*How to complete this task*:
Would you return every line of the listing below that has "unit" in it?

━━ Material for this exercise

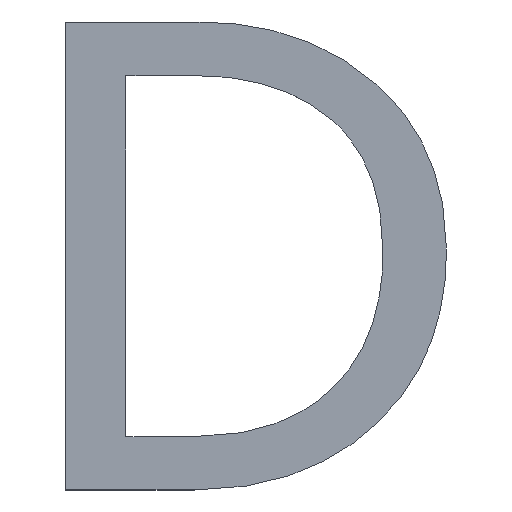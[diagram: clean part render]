
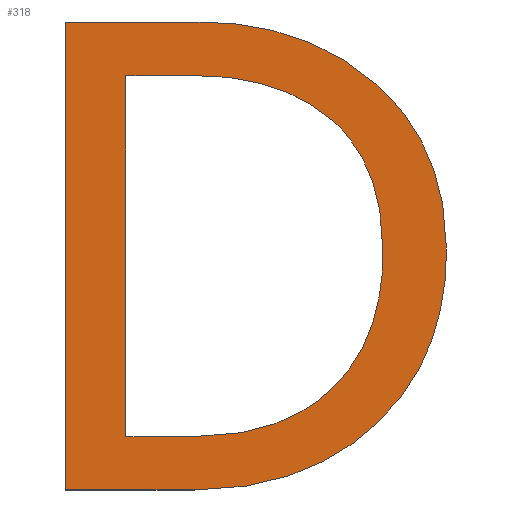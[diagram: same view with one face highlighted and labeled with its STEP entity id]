
A CAD part, top view. The second image highlights one B-rep face of the part: STEP entity #318.
In plain terms, the highlighted planar face has unit normal (0, 0, 1).
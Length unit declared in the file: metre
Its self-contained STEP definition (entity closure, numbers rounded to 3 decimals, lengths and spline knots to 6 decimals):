
#19=PLANE('',#435);
#27=LINE('',#565,#53);
#30=LINE('',#571,#56);
#32=LINE('',#574,#58);
#35=LINE('',#581,#61);
#38=LINE('',#587,#64);
#45=LINE('',#668,#71);
#53=VECTOR('',#447,1.);
#56=VECTOR('',#452,1.);
#58=VECTOR('',#456,1.);
#61=VECTOR('',#461,1.);
#64=VECTOR('',#466,1.);
#71=VECTOR('',#475,1.);
#142=ORIENTED_EDGE('',*,*,#174,.F.);
#143=ORIENTED_EDGE('',*,*,#176,.F.);
#144=ORIENTED_EDGE('',*,*,#158,.F.);
#145=ORIENTED_EDGE('',*,*,#162,.F.);
#146=ORIENTED_EDGE('',*,*,#165,.F.);
#147=ORIENTED_EDGE('',*,*,#168,.F.);
#148=ORIENTED_EDGE('',*,*,#171,.F.);
#149=ORIENTED_EDGE('',*,*,#197,.T.);
#150=ORIENTED_EDGE('',*,*,#194,.T.);
#151=ORIENTED_EDGE('',*,*,#191,.T.);
#152=ORIENTED_EDGE('',*,*,#188,.T.);
#153=ORIENTED_EDGE('',*,*,#185,.T.);
#154=ORIENTED_EDGE('',*,*,#182,.T.);
#155=ORIENTED_EDGE('',*,*,#179,.T.);
#158=EDGE_CURVE('',#200,#201,#227,.T.);
#162=EDGE_CURVE('',#203,#200,#229,.T.);
#165=EDGE_CURVE('',#205,#203,#231,.T.);
#168=EDGE_CURVE('',#207,#205,#233,.T.);
#171=EDGE_CURVE('',#209,#207,#27,.T.);
#174=EDGE_CURVE('',#211,#209,#30,.T.);
#176=EDGE_CURVE('',#201,#211,#32,.T.);
#179=EDGE_CURVE('',#215,#214,#35,.T.);
#182=EDGE_CURVE('',#217,#215,#38,.T.);
#185=EDGE_CURVE('',#219,#217,#235,.T.);
#188=EDGE_CURVE('',#221,#219,#237,.T.);
#191=EDGE_CURVE('',#223,#221,#239,.T.);
#194=EDGE_CURVE('',#225,#223,#241,.T.);
#197=EDGE_CURVE('',#214,#225,#45,.T.);
#200=VERTEX_POINT('',#496);
#201=VERTEX_POINT('',#501);
#203=VERTEX_POINT('',#517);
#205=VERTEX_POINT('',#536);
#207=VERTEX_POINT('',#555);
#209=VERTEX_POINT('',#564);
#211=VERTEX_POINT('',#570);
#214=VERTEX_POINT('',#580);
#215=VERTEX_POINT('',#582);
#217=VERTEX_POINT('',#588);
#219=VERTEX_POINT('',#607);
#221=VERTEX_POINT('',#626);
#223=VERTEX_POINT('',#645);
#225=VERTEX_POINT('',#664);
#227=B_SPLINE_CURVE_WITH_KNOTS('',3,(#497,#498,#499,#500),.UNSPECIFIED.,
 .F.,.F.,(4,4),(5.,6.),.UNSPECIFIED.);
#229=B_SPLINE_CURVE_WITH_KNOTS('',3,(#518,#519,#520,#521),.UNSPECIFIED.,
 .F.,.F.,(4,4),(4.,5.),.UNSPECIFIED.);
#231=B_SPLINE_CURVE_WITH_KNOTS('',3,(#537,#538,#539,#540),.UNSPECIFIED.,
 .F.,.F.,(4,4),(3.,4.),.UNSPECIFIED.);
#233=B_SPLINE_CURVE_WITH_KNOTS('',3,(#556,#557,#558,#559),.UNSPECIFIED.,
 .F.,.F.,(4,4),(2.,3.),.UNSPECIFIED.);
#235=B_SPLINE_CURVE_WITH_KNOTS('',3,(#603,#604,#605,#606),.UNSPECIFIED.,
 .F.,.F.,(4,4),(2.,3.),.UNSPECIFIED.);
#237=B_SPLINE_CURVE_WITH_KNOTS('',3,(#622,#623,#624,#625),.UNSPECIFIED.,
 .F.,.F.,(4,4),(3.,4.),.UNSPECIFIED.);
#239=B_SPLINE_CURVE_WITH_KNOTS('',3,(#641,#642,#643,#644),.UNSPECIFIED.,
 .F.,.F.,(4,4),(4.,5.),.UNSPECIFIED.);
#241=B_SPLINE_CURVE_WITH_KNOTS('',3,(#660,#661,#662,#663),.UNSPECIFIED.,
 .F.,.F.,(4,4),(5.,6.),.UNSPECIFIED.);
#258=EDGE_LOOP('',(#142,#143,#144,#145,#146,#147,#148));
#259=EDGE_LOOP('',(#149,#150,#151,#152,#153,#154,#155));
#276=FACE_BOUND('',#258,.T.);
#277=FACE_BOUND('',#259,.T.);
#318=ADVANCED_FACE('',(#276,#277),#19,.T.);
#435=AXIS2_PLACEMENT_3D('',#670,#478,#479);
#447=DIRECTION('',(1.,0.,0.));
#452=DIRECTION('',(0.,-1.,0.));
#456=DIRECTION('',(-1.,0.,0.));
#461=DIRECTION('',(0.,-1.,0.));
#466=DIRECTION('',(-1.,0.,0.));
#475=DIRECTION('',(1.,0.,0.));
#478=DIRECTION('',(0.,0.,1.));
#479=DIRECTION('',(1.,0.,0.));
#496=CARTESIAN_POINT('',(-0.062509,-0.006434,0.024401));
#497=CARTESIAN_POINT('',(-0.062509,-0.006434,0.024401));
#498=CARTESIAN_POINT('',(-0.062567,-0.006385,0.024401));
#499=CARTESIAN_POINT('',(-0.062643,-0.00636,0.024401));
#500=CARTESIAN_POINT('',(-0.062738,-0.00636,0.024401));
#501=CARTESIAN_POINT('',(-0.062738,-0.00636,0.024401));
#517=CARTESIAN_POINT('',(-0.062422,-0.006658,0.024401));
#518=CARTESIAN_POINT('',(-0.062422,-0.006658,0.024401));
#519=CARTESIAN_POINT('',(-0.062422,-0.006559,0.024401));
#520=CARTESIAN_POINT('',(-0.062451,-0.006484,0.024401));
#521=CARTESIAN_POINT('',(-0.062509,-0.006434,0.024401));
#536=CARTESIAN_POINT('',(-0.062507,-0.006889,0.024401));
#537=CARTESIAN_POINT('',(-0.062507,-0.006889,0.024401));
#538=CARTESIAN_POINT('',(-0.06245,-0.006834,0.024401));
#539=CARTESIAN_POINT('',(-0.062422,-0.006757,0.024401));
#540=CARTESIAN_POINT('',(-0.062422,-0.006658,0.024401));
#555=CARTESIAN_POINT('',(-0.062743,-0.006971,0.024401));
#556=CARTESIAN_POINT('',(-0.062743,-0.006971,0.024401));
#557=CARTESIAN_POINT('',(-0.062642,-0.006971,0.024401));
#558=CARTESIAN_POINT('',(-0.062563,-0.006944,0.024401));
#559=CARTESIAN_POINT('',(-0.062507,-0.006889,0.024401));
#564=CARTESIAN_POINT('',(-0.062858,-0.006971,0.024401));
#565=CARTESIAN_POINT('',(-0.062858,-0.006971,0.024401));
#570=CARTESIAN_POINT('',(-0.062858,-0.00636,0.024401));
#571=CARTESIAN_POINT('',(-0.062858,-0.00636,0.024401));
#574=CARTESIAN_POINT('',(-0.062738,-0.00636,0.024401));
#580=CARTESIAN_POINT('',(-0.06296,-0.007062,0.024401));
#581=CARTESIAN_POINT('',(-0.06296,-0.007062,0.024401));
#582=CARTESIAN_POINT('',(-0.06296,-0.006269,0.024401));
#587=CARTESIAN_POINT('',(-0.06296,-0.006269,0.024401));
#588=CARTESIAN_POINT('',(-0.062734,-0.006269,0.024401));
#603=CARTESIAN_POINT('',(-0.062434,-0.006374,0.024401));
#604=CARTESIAN_POINT('',(-0.062514,-0.006303,0.024401));
#605=CARTESIAN_POINT('',(-0.062614,-0.006269,0.024401));
#606=CARTESIAN_POINT('',(-0.062734,-0.006269,0.024401));
#607=CARTESIAN_POINT('',(-0.062434,-0.006374,0.024401));
#622=CARTESIAN_POINT('',(-0.062314,-0.006655,0.024401));
#623=CARTESIAN_POINT('',(-0.062314,-0.006537,0.024401));
#624=CARTESIAN_POINT('',(-0.062354,-0.006444,0.024401));
#625=CARTESIAN_POINT('',(-0.062434,-0.006374,0.024401));
#626=CARTESIAN_POINT('',(-0.062314,-0.006655,0.024401));
#641=CARTESIAN_POINT('',(-0.062434,-0.006951,0.024401));
#642=CARTESIAN_POINT('',(-0.062354,-0.006876,0.024401));
#643=CARTESIAN_POINT('',(-0.062314,-0.006778,0.024401));
#644=CARTESIAN_POINT('',(-0.062314,-0.006655,0.024401));
#645=CARTESIAN_POINT('',(-0.062434,-0.006951,0.024401));
#660=CARTESIAN_POINT('',(-0.062742,-0.007062,0.024401));
#661=CARTESIAN_POINT('',(-0.062616,-0.007062,0.024401));
#662=CARTESIAN_POINT('',(-0.062514,-0.007025,0.024401));
#663=CARTESIAN_POINT('',(-0.062434,-0.006951,0.024401));
#664=CARTESIAN_POINT('',(-0.062742,-0.007062,0.024401));
#668=CARTESIAN_POINT('',(-0.062742,-0.007062,0.024401));
#670=CARTESIAN_POINT('',(-0.062569,-0.006295,0.024401));

━━━━

*Written answer*:
In plain terms, the highlighted planar face has unit normal (0, 0, 1).
Length unit declared in the file: metre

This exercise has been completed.